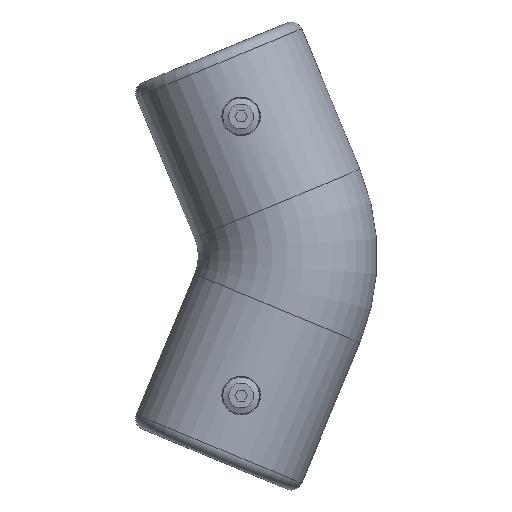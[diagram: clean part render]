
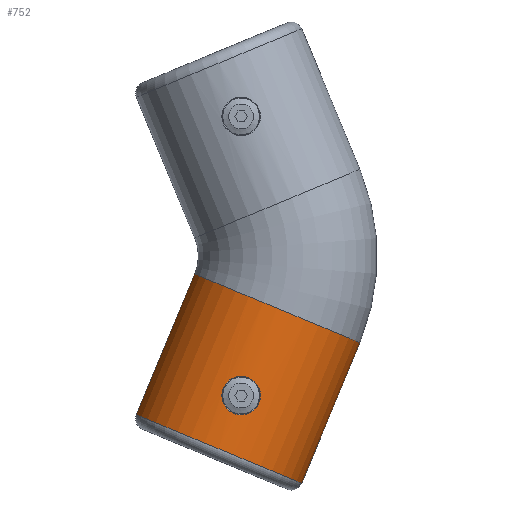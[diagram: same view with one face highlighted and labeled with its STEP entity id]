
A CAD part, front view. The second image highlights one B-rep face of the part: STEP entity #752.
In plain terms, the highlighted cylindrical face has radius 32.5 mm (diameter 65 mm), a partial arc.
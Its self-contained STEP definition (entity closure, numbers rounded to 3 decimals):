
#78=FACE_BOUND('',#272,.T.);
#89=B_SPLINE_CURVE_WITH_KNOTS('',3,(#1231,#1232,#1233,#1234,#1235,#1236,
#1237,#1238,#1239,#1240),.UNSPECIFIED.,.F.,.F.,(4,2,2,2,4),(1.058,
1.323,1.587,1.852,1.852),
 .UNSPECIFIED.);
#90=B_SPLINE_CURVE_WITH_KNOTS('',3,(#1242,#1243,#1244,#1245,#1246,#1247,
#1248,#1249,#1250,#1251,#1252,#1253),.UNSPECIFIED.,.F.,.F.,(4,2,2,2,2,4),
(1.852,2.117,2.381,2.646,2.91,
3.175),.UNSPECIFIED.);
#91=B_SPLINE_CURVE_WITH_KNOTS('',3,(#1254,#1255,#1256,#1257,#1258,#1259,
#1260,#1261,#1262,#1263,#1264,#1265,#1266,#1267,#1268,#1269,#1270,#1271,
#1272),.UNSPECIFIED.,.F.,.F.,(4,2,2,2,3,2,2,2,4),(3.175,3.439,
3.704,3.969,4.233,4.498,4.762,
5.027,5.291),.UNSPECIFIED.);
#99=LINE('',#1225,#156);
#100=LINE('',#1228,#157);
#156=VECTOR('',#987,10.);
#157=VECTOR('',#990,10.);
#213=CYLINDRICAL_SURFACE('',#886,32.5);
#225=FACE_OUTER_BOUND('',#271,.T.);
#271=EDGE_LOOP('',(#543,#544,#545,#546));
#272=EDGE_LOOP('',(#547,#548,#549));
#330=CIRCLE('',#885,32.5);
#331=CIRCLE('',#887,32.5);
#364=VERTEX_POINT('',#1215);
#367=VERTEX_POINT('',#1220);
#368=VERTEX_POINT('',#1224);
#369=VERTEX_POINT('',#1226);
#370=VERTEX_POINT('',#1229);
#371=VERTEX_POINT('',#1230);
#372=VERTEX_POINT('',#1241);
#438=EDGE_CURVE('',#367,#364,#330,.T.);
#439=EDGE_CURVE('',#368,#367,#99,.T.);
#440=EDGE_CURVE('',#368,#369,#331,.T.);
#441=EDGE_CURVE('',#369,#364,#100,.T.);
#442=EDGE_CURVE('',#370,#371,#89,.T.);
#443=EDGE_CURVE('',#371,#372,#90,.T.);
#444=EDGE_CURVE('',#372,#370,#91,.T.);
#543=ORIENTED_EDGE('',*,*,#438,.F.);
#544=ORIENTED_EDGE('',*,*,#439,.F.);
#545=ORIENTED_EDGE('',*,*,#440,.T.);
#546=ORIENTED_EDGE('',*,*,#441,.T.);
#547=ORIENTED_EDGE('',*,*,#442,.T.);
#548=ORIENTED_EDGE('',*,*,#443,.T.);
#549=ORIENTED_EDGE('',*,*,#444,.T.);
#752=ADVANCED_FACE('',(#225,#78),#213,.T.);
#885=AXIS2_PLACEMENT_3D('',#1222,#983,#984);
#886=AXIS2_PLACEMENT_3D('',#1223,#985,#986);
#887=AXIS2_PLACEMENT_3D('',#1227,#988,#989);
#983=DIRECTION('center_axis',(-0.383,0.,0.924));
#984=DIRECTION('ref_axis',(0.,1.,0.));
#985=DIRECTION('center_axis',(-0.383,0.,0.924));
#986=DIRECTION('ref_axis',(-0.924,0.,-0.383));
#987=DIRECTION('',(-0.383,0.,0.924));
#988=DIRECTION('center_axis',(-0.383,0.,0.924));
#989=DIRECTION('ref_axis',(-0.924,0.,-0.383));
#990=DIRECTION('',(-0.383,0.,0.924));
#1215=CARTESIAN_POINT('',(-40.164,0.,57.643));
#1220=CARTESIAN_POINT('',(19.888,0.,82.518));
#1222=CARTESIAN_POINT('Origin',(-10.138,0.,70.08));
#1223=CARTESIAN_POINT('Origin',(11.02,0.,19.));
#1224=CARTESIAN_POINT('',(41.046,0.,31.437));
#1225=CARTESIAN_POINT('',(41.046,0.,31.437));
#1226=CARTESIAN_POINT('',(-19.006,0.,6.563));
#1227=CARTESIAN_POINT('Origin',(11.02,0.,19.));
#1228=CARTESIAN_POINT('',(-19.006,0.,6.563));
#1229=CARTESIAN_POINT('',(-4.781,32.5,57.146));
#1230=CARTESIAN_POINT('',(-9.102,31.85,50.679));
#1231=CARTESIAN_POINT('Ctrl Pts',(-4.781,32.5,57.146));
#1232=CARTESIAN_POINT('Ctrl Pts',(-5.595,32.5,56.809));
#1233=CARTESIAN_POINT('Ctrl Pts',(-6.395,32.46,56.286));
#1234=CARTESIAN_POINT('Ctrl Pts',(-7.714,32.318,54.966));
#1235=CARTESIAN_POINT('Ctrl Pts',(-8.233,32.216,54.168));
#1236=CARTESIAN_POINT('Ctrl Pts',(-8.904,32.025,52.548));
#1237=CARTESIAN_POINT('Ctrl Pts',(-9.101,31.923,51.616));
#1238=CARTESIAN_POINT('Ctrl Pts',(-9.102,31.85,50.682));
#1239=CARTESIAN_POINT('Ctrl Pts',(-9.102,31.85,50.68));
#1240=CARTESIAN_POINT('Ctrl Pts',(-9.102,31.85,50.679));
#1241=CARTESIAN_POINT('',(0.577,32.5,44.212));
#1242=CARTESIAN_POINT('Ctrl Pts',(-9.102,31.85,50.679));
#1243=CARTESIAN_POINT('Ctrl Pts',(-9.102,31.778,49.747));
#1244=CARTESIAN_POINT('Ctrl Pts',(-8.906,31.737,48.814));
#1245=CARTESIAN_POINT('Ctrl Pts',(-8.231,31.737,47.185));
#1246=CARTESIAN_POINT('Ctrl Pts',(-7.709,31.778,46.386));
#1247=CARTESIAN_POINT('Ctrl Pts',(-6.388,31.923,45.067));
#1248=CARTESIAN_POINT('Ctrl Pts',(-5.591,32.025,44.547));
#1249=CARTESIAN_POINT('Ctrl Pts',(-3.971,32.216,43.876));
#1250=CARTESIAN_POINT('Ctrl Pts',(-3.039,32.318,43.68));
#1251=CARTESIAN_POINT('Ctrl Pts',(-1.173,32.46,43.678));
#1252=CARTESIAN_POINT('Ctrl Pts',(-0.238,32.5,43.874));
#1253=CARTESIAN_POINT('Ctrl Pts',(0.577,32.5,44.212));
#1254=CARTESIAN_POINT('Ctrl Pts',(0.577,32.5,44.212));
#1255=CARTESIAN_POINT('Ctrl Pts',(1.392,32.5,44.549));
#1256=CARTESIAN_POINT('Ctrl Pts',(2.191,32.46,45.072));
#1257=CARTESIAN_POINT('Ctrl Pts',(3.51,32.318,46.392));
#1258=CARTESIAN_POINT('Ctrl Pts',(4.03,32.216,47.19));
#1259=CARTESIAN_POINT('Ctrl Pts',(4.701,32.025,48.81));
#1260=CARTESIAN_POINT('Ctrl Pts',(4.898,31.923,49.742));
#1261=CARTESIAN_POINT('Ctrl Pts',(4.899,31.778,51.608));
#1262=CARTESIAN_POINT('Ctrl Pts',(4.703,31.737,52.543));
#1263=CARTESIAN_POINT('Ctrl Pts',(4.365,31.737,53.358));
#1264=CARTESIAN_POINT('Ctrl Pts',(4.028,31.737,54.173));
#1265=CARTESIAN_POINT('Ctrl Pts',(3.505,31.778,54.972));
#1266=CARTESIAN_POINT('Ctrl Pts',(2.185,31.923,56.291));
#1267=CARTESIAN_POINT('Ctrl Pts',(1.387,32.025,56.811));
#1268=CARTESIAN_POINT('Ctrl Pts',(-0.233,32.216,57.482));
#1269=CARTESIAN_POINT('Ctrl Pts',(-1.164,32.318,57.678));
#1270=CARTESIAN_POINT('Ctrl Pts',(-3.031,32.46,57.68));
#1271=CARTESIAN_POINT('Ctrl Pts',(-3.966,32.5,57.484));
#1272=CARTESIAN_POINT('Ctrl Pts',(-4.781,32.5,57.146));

----------

**Task statement**: Scan the listing above. Collect all lines with the word "Origin".

**Answer section**:
#1222=CARTESIAN_POINT('Origin',(-10.138,0.,70.08));
#1223=CARTESIAN_POINT('Origin',(11.02,0.,19.));
#1227=CARTESIAN_POINT('Origin',(11.02,0.,19.));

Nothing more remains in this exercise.